Yes, folks, it's finally come to this: Orange County is so flipping overbuilt that enviros are now reduced to fighting for gravel pits.

The parking lot in dispute sits off Laguna Canyon Road about a mile from downtown Laguna Beach and bears the cryptic name of Act V. Generations of county residents have left their automobiles here during the summer before taking a trolley to the city's Pageant of the Masters, Festival of the Arts, Art-a-Fair and Sawdust Festival. As parking lots go, it's probably Orange County's prettiest: buttressed by hills teeming with sagebrush and other native vegetation, noisy with chirping birds, strangely serene even when filled to its 400-car capacity. Toward the north end, a trail leads into Laguna Coast Wilderness Park and its many wildlife sanctuaries.
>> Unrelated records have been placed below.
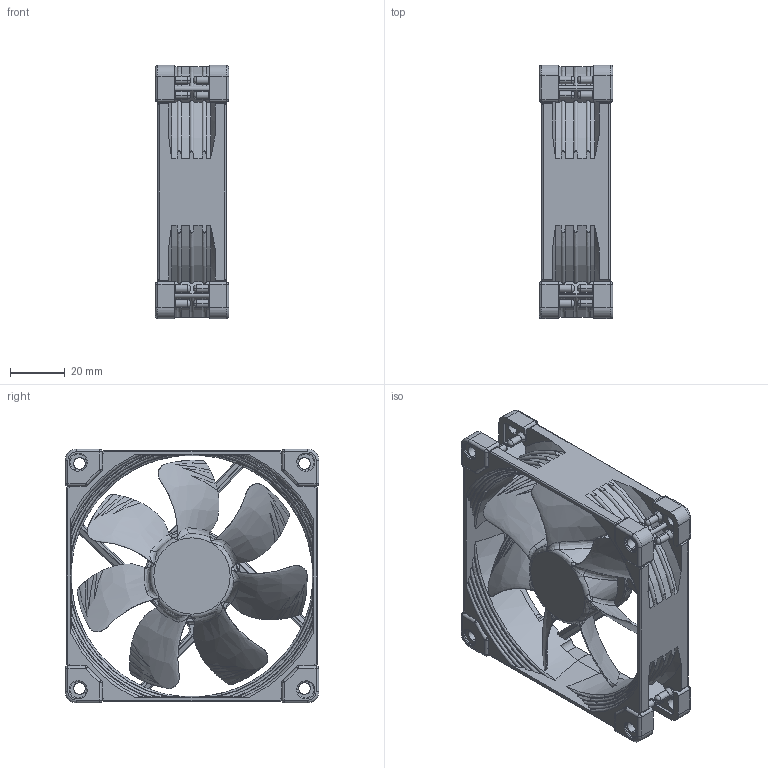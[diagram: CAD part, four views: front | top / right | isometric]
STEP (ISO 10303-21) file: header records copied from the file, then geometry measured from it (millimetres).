
FILE_DESCRIPTION(/* description */ ('140mm Desk Fan'),/* implementation_level */ '2;1');
FILE_NAME(/* name */ 'NF-A9_chromax_public-cad',/* time_stamp */ '2026-04-10T17:04:31+02:00',/* author */ ('Andreas'),/* organization */ ('Rascom'),/* preprocessor_version */ 'ST-DEVELOPER v18.102',/* originating_system */ 'Solid Edge',/* authorisation */ 'Unknown');
FILE_SCHEMA (('AUTOMOTIVE_DESIGN {1 0 10303 214 3 1 1}'));
Length unit declared in the file: millimetre
Products named in the file (6): NF-A9_chromax_public-cad; NF-A9_public-cad; A9_Frame-public; A9_Impeller-public; NA-AVP5; Fan-Label-D29mm-Chromax
Assembly tree (12 placements, depth 3):
  NF-A9_chromax_public-cad
    NF-A9_public-cad
      A9_Frame-public
      A9_Impeller-public
      NA-AVP5  x8
    Fan-Label-D29mm-Chromax
Bounding box: 27 x 93 x 93 mm (x, y, z)
Volume: 52879 mm3; surface area: 49230.3 mm2
Topology: 11 solids, 11 shells, 1542 faces, 4062 edges, 2528 vertices
Faces by surface type: cylinder 685, plane 415, torus 226, bspline 113, cone 65, sphere 38
Full cylindrical faces by diameter (mm): 29 x2
Entity records: 42567 total; most frequent: CARTESIAN_POINT 17484, ORIENTED_EDGE 5748, DIRECTION 4276, EDGE_CURVE 2874, VERTEX_POINT 1841, AXIS2_PLACEMENT_3D 1639, EDGE_LOOP 1139, FACE_BOUND 1139

But modern hustle and bustle demands development, so the Laguna Beach City Council in late 2003 decided that Act V—one of the last open spaces in this tiny community—would be the location for a new $5 million maintenance yard to replace the aging one farther down Laguna Canyon Road at Forest Avenue.

Iseman protested. “We should not have a suburban corporate yard in an area that doesn't support it,” maintains Iseman, who instead wants the facility rebuilt on its current site. “In a corporate yard are the gas tanks, welding and painting tools that a city uses for repairs. Why would we take these functions to the edge of a wilderness area that's highly susceptible to fire?”

Iseman's logic eluded her fellow council members, who voted 3-2 last December to move the yard. (Wayne Baglin joined Iseman in dissenting.) The nonprofit Laguna Canyon Conservancy appealed to the Orange County Board of Supervisors to deny a county building permit to the proposed Act V corporate yard, but that was also rejected.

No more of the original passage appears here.